What you will do »
Filter the data below for the string "SCREW" and copy each matching line.

(Data entries)
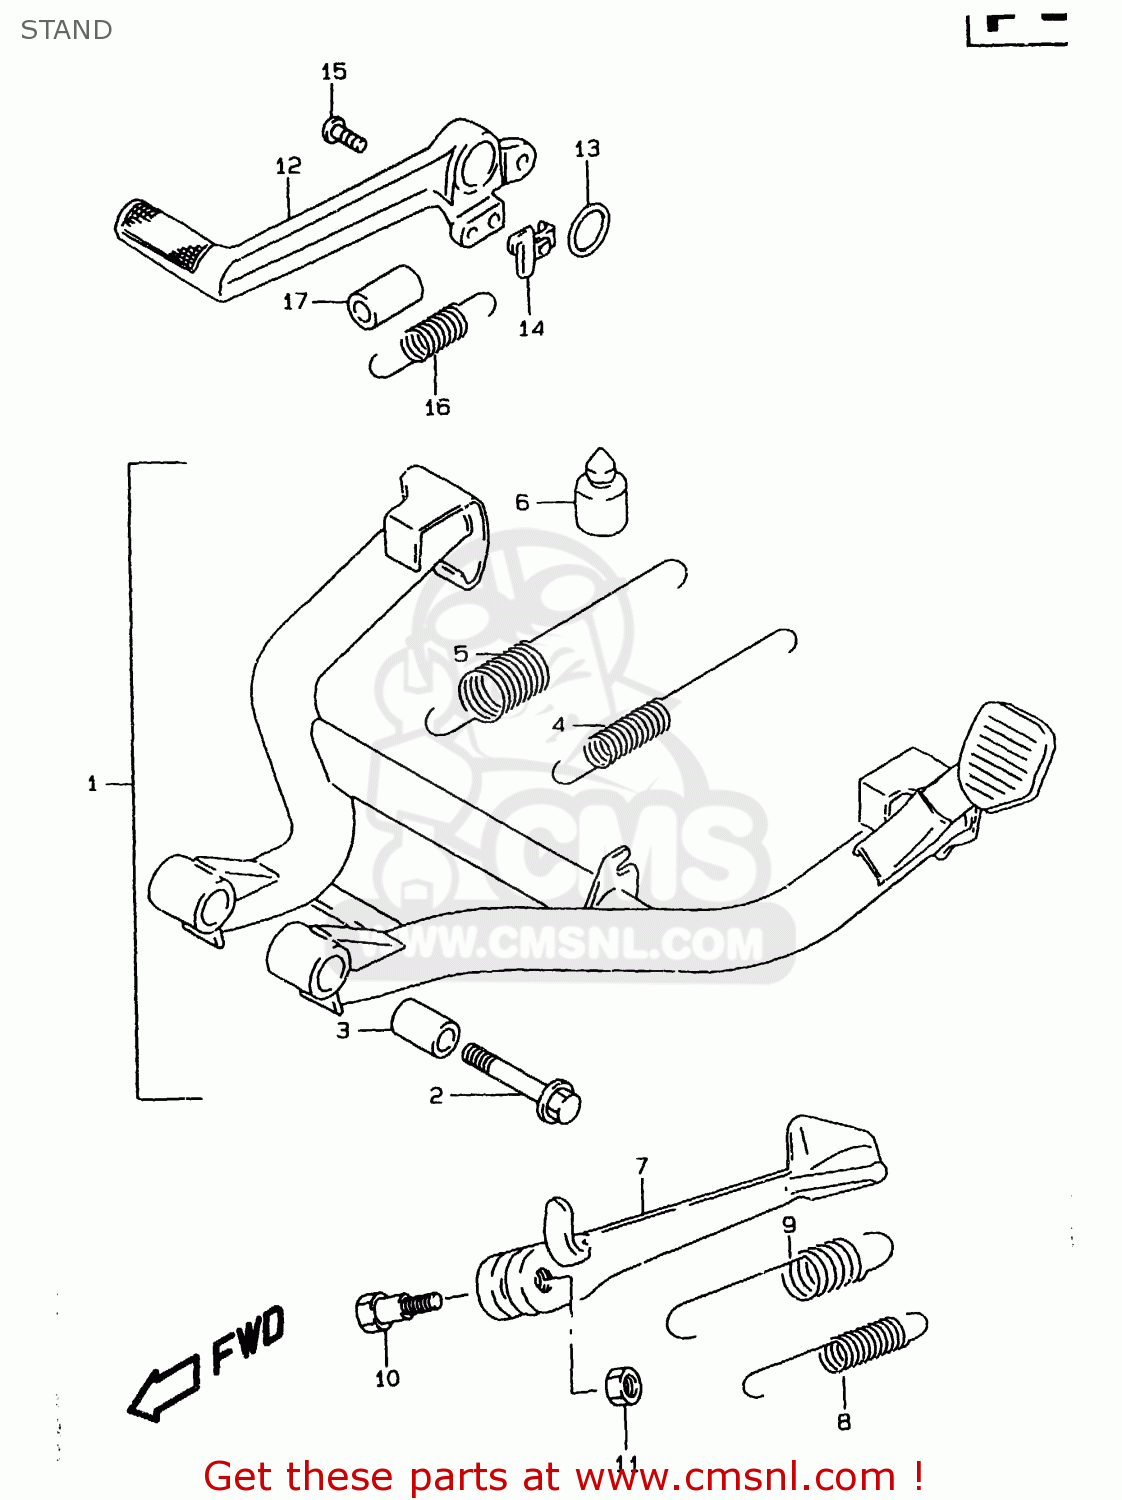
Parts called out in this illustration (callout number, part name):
1	STAND,CENTER
2	BOLT(10X48)
3	SPACER(10X16X25.5)
4	SPRING
5	SPRING OUTER
6	CUSHION
7	STAND,PROP
8	SPRING
9	SPRING
10	BOLT(10X34)
11	NUT
12	PEDAL,BRAKE
13	WASHER(18X24X1)
14	BRACKET,STOP LAMP SWITCH SPR
15	SCREW
16	SPRING
17	TUBE,BRAKE SPRING GUIDE
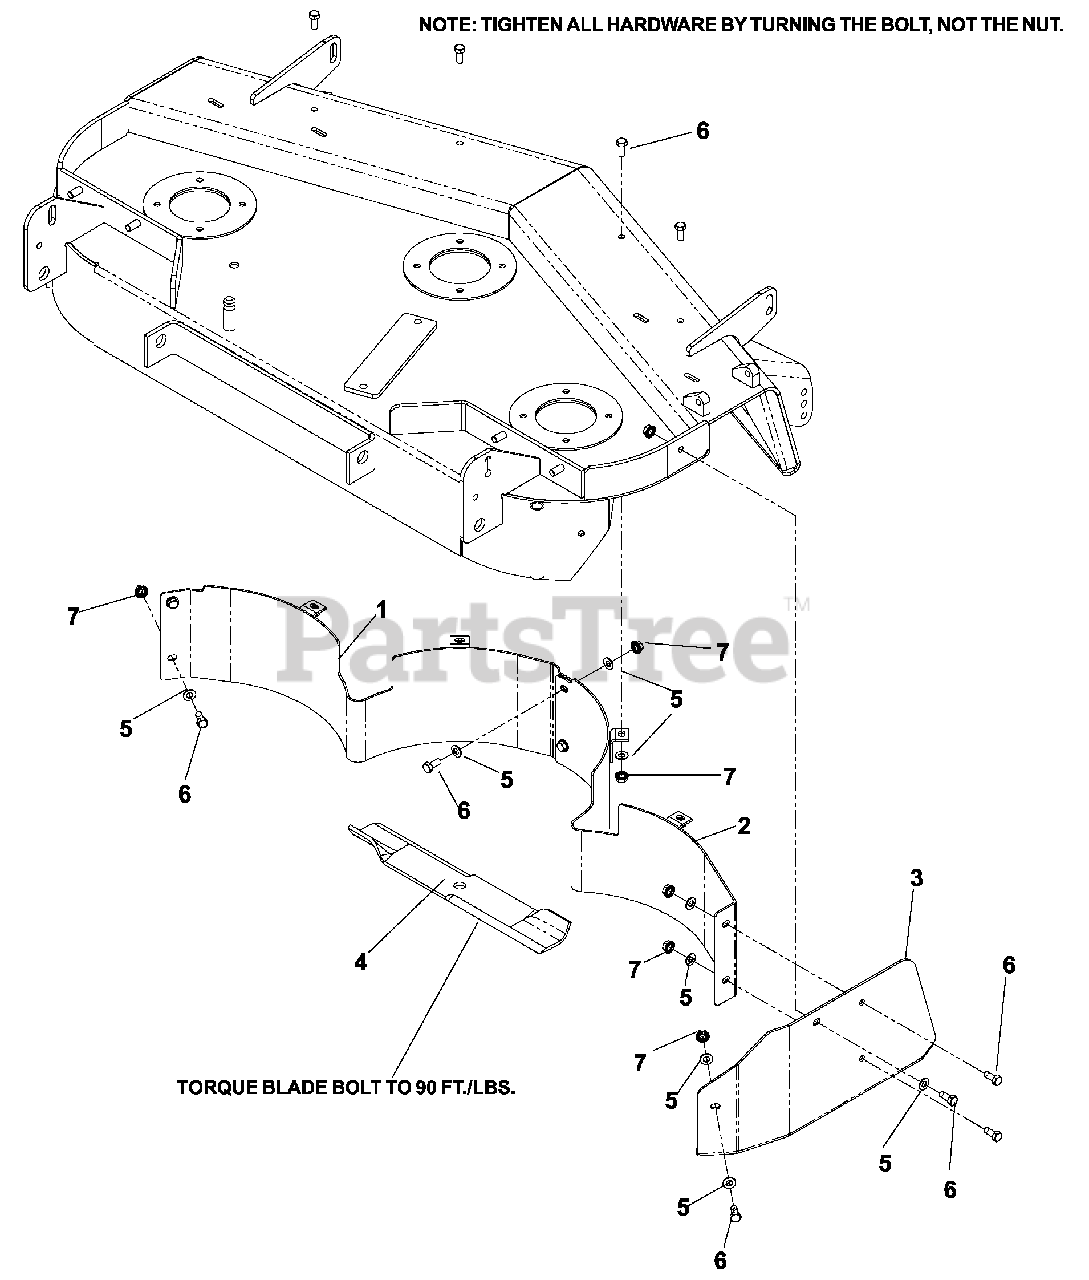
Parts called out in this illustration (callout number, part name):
1	48" BAFFLE, LEFT
2	48" BAFFLE, RIGHT
3	48" MULCH CAP
4	BLADE, MULCH, 16 1/4"
5	WASHER, 5/16, SAE
6	HCS, 5/16-18 X 3/4, GR5
7	NUT, 5/16C
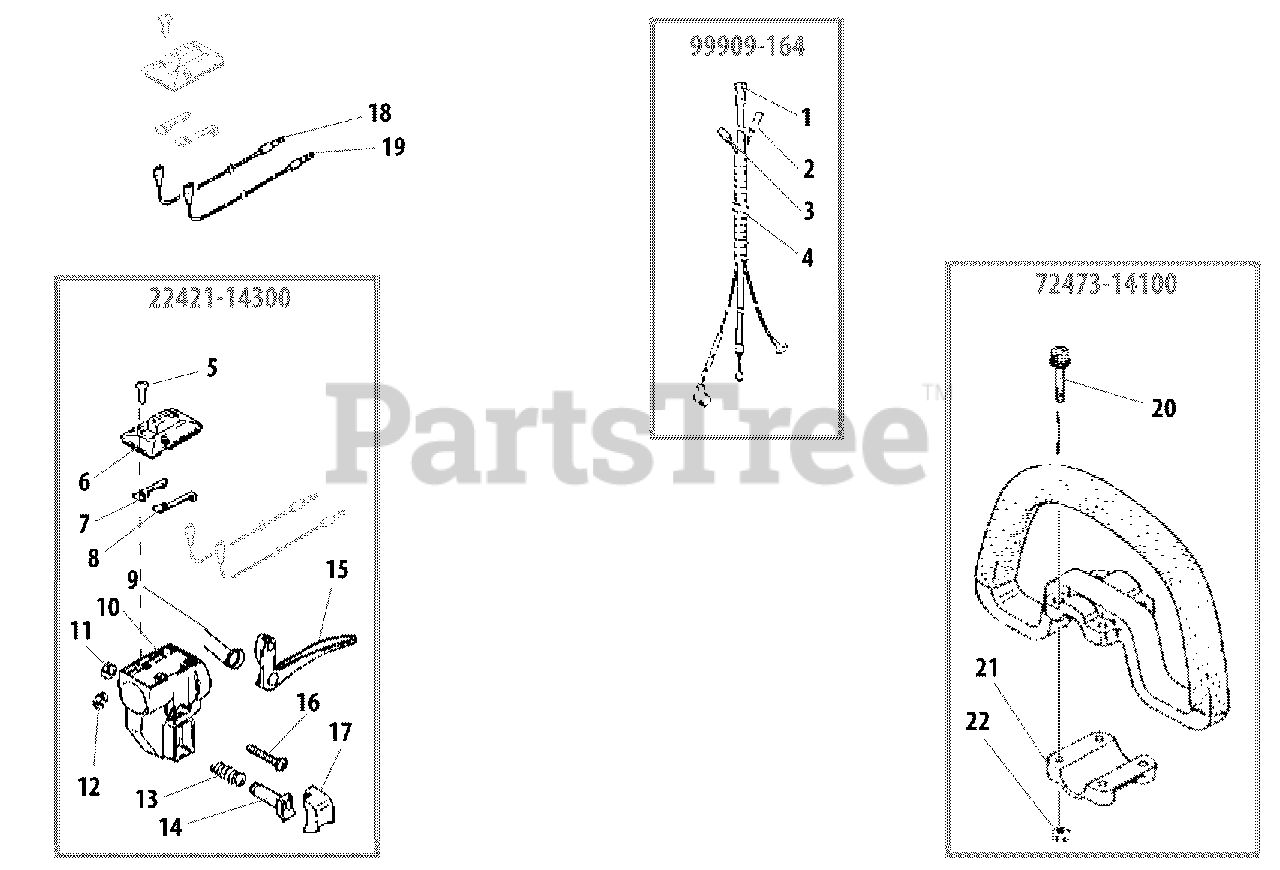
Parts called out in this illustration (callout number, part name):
1	CABLE, THROTTLE
2	LEAD - GROUND
3	LEAD - IGNITION
4	TUBE
5	SCREW -- TAPPING
6	SWITCH, IGNITION
7	TERMINAL - GROUND
8	TERMINAL - GROUND
9	SPRING, TRIGGER
10	BODY, THROTTLE
11	NUT - NYLON
12	RING, RETAINING
13	SPRING
14	SHAFT
15	TRIGGER, THROTTLE
16	SCREW - 5X20
17	BUTTON, THROTTLE LEVER
18	WIRE - RIGHT
19	WIRE - LEFT
20	SCREW - 5X30
21	CAP - LOWER
A	CONTROL CABLE ASSY
A	THROTTLE CONTROL KIT
A	HANDLE ASSY
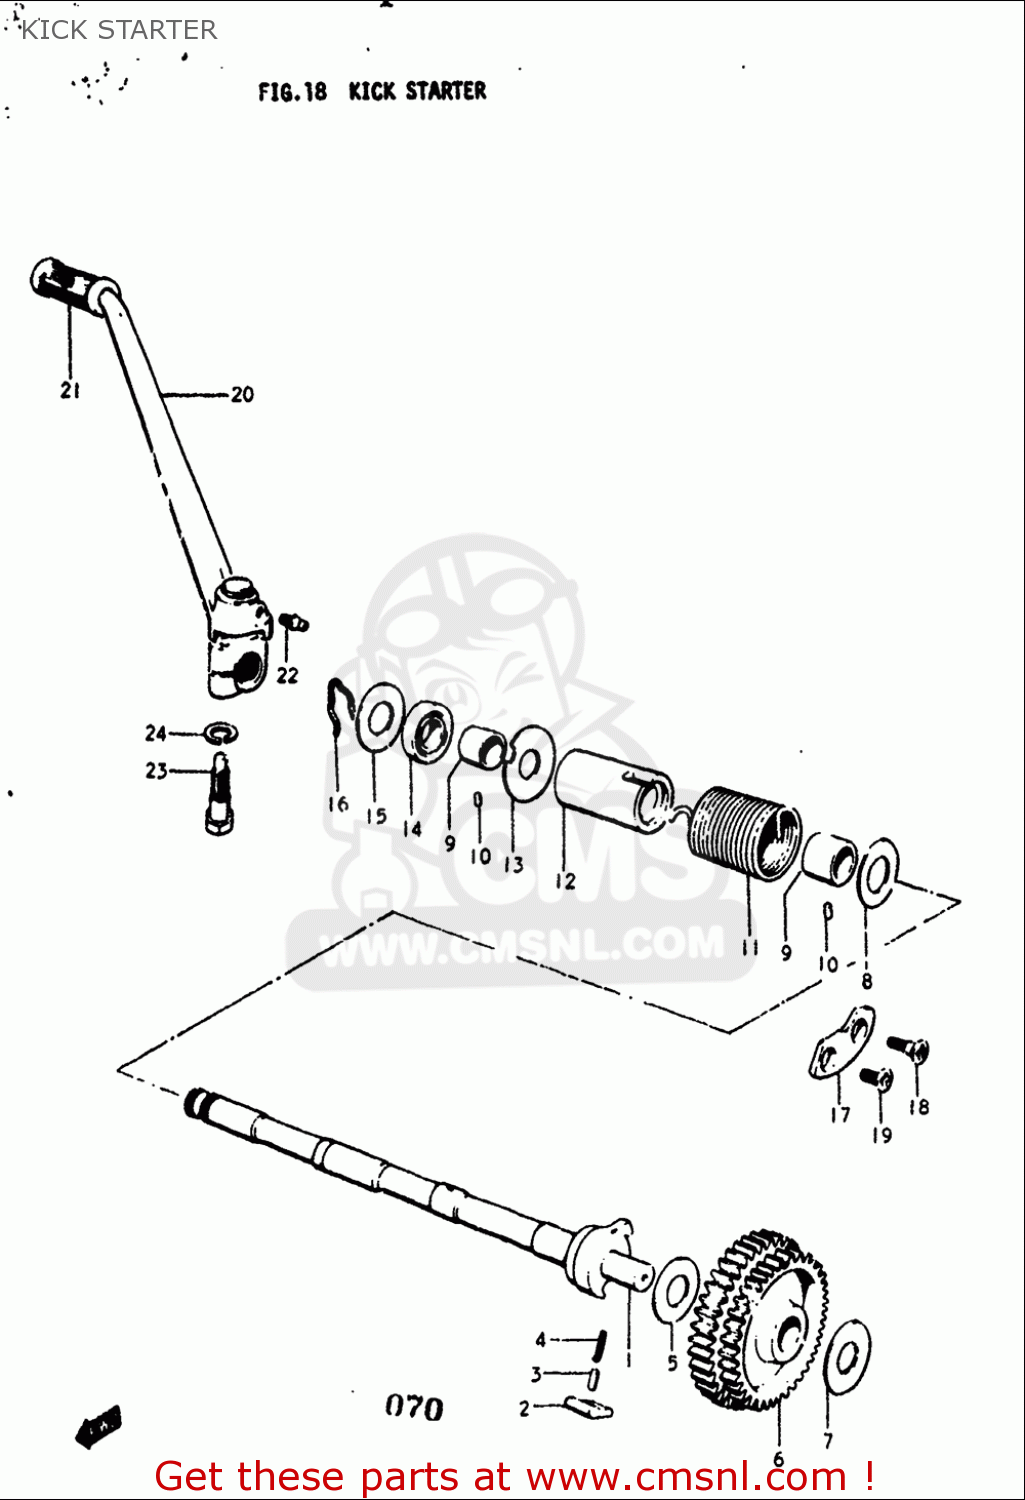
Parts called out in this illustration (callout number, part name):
2	PAWL,KICK STARTER
3	PIN(5X15.5)
4	SPRING
5	WASHER(13X31.5X1.5)
7	WASHER(13X31.5X1.5)
8	WASHER(16X30X1)
10	PIN
11	SPRING
14	SEAL,OIL(16X30X8)
18	SCREW(6X19)
19	SCREW
21	RUBBER,KICK STARTER PEDAL
22	NIPPLE
23	BOLT(10X37.5)
24	WASHER,LOCK
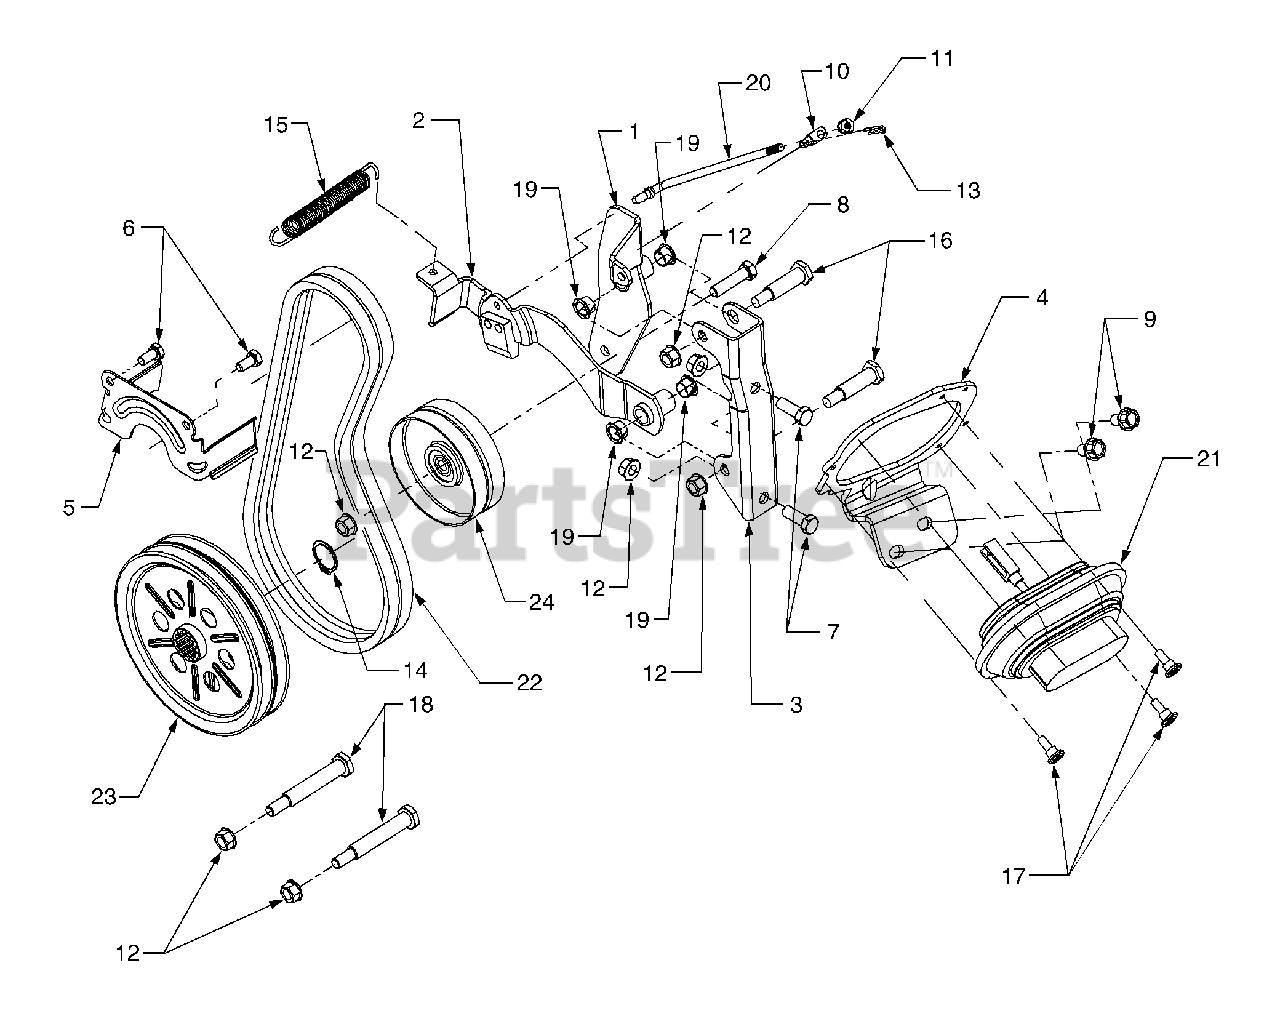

Written answer »
15	SCREW
5	SCREW -- TAPPING
16	SCREW - 5X20
20	SCREW - 5X30
18	SCREW(6X19)
19	SCREW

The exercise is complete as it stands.